Exactly the lines from the start of the data below through the line that contains "Integrator2/1 -> Gain4/1, Integrator3/1, Gain6/1" are to be copied, with pictures left out.

┌──

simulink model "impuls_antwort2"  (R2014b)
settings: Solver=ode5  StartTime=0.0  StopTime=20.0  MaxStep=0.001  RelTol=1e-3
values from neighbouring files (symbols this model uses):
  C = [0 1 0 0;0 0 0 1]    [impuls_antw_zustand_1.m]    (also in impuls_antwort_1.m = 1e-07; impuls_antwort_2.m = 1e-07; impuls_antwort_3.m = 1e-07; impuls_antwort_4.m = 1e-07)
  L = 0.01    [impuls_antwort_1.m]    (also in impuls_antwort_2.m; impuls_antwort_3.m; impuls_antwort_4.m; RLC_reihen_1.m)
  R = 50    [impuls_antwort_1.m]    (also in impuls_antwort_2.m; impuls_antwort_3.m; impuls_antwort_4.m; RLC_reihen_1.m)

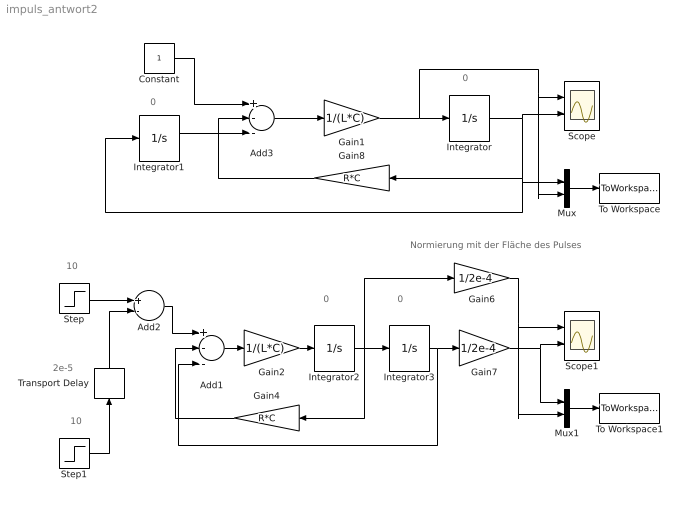
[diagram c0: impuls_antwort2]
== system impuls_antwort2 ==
  note: Normierung mit der Fläche des Pulses
  note: 2e-5
  note: 0
  note: 0
  note: 10
  note: 10
  note: 0
  note: 0
  Add1 : Sum  Inputs=+--
  Add2 : Sum  Inputs=+-
  Add3 : Sum  Inputs=+--
  Constant : Constant
  Gain1 : Gain  Gain=1/(L*C)
  Gain2 : Gain  Gain=1/(L*C)
  Gain4 : Gain  Gain=R*C
  Gain6 : Gain  Gain=1/2e-4
  Gain7 : Gain  Gain=1/2e-4
  Gain8 : Gain  Gain=R*C
  Integrator{,1..3} (4 alike) : Integrator
  Mux : Mux  Inputs=2
  Mux1 : Mux  Inputs=2
  Scope : Scope  NumInputPorts=2
  Scope1 : Scope  NumInputPorts=2
  Step : Step  Time=0  After=10  SampleTime=0
  Step1 : Step  Time=0  After=10  SampleTime=0
  To Workspace : ToWorkspace  VariableName=simout  SaveFormat=Timeseries  SampleTime=-1
  To Workspace1 : ToWorkspace  VariableName=simout1  SaveFormat=Timeseries  SampleTime=-1
  Transport Delay : TransportDelay  DelayTime=2e-5
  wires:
  Gain2/1 -> Integrator2/1
  Integrator2/1 -> Gain4/1, Integrator3/1, Gain6/1
  Integrator3/1 -> Add1/3, Gain7/1
  Gain4/1 -> Add1/2
  Step/1 -> Add2/1
  Step1/1 -> Transport Delay/1
  Add2/1 -> Add1/1
  Transport Delay/1 -> Add2/2
  Gain6/1 -> Mux1/2, Scope1/1
  Gain7/1 -> Mux1/1, Scope1/2
  Add3/1 -> Gain1/1
  Gain1/1 -> Mux/2, Scope/1, Integrator/1
  Integrator/1 -> Scope/2, Mux/1, Integrator1/1, Gain8/1
  Constant/1 -> Add3/1
  Add1/1 -> Gain2/1
  Gain8/1 -> Add3/2
  Integrator1/1 -> Add3/3
  Mux/1 -> To Workspace/1
  Mux1/1 -> To Workspace1/1

└──

**Answer to this problem**
simulink model "impuls_antwort2"  (R2014b)
settings: Solver=ode5  StartTime=0.0  StopTime=20.0  MaxStep=0.001  RelTol=1e-3
values from neighbouring files (symbols this model uses):
  C = [0 1 0 0;0 0 0 1]    [impuls_antw_zustand_1.m]    (also in impuls_antwort_1.m = 1e-07; impuls_antwort_2.m = 1e-07; impuls_antwort_3.m = 1e-07; impuls_antwort_4.m = 1e-07)
  L = 0.01    [impuls_antwort_1.m]    (also in impuls_antwort_2.m; impuls_antwort_3.m; impuls_antwort_4.m; RLC_reihen_1.m)
  R = 50    [impuls_antwort_1.m]    (also in impuls_antwort_2.m; impuls_antwort_3.m; impuls_antwort_4.m; RLC_reihen_1.m)

[diagram c0: impuls_antwort2]
== system impuls_antwort2 ==
  note: Normierung mit der Fläche des Pulses
  note: 2e-5
  note: 0
  note: 0
  note: 10
  note: 10
  note: 0
  note: 0
  Add1 : Sum  Inputs=+--
  Add2 : Sum  Inputs=+-
  Add3 : Sum  Inputs=+--
  Constant : Constant
  Gain1 : Gain  Gain=1/(L*C)
  Gain2 : Gain  Gain=1/(L*C)
  Gain4 : Gain  Gain=R*C
  Gain6 : Gain  Gain=1/2e-4
  Gain7 : Gain  Gain=1/2e-4
  Gain8 : Gain  Gain=R*C
  Integrator{,1..3} (4 alike) : Integrator
  Mux : Mux  Inputs=2
  Mux1 : Mux  Inputs=2
  Scope : Scope  NumInputPorts=2
  Scope1 : Scope  NumInputPorts=2
  Step : Step  Time=0  After=10  SampleTime=0
  Step1 : Step  Time=0  After=10  SampleTime=0
  To Workspace : ToWorkspace  VariableName=simout  SaveFormat=Timeseries  SampleTime=-1
  To Workspace1 : ToWorkspace  VariableName=simout1  SaveFormat=Timeseries  SampleTime=-1
  Transport Delay : TransportDelay  DelayTime=2e-5
  wires:
  Gain2/1 -> Integrator2/1
  Integrator2/1 -> Gain4/1, Integrator3/1, Gain6/1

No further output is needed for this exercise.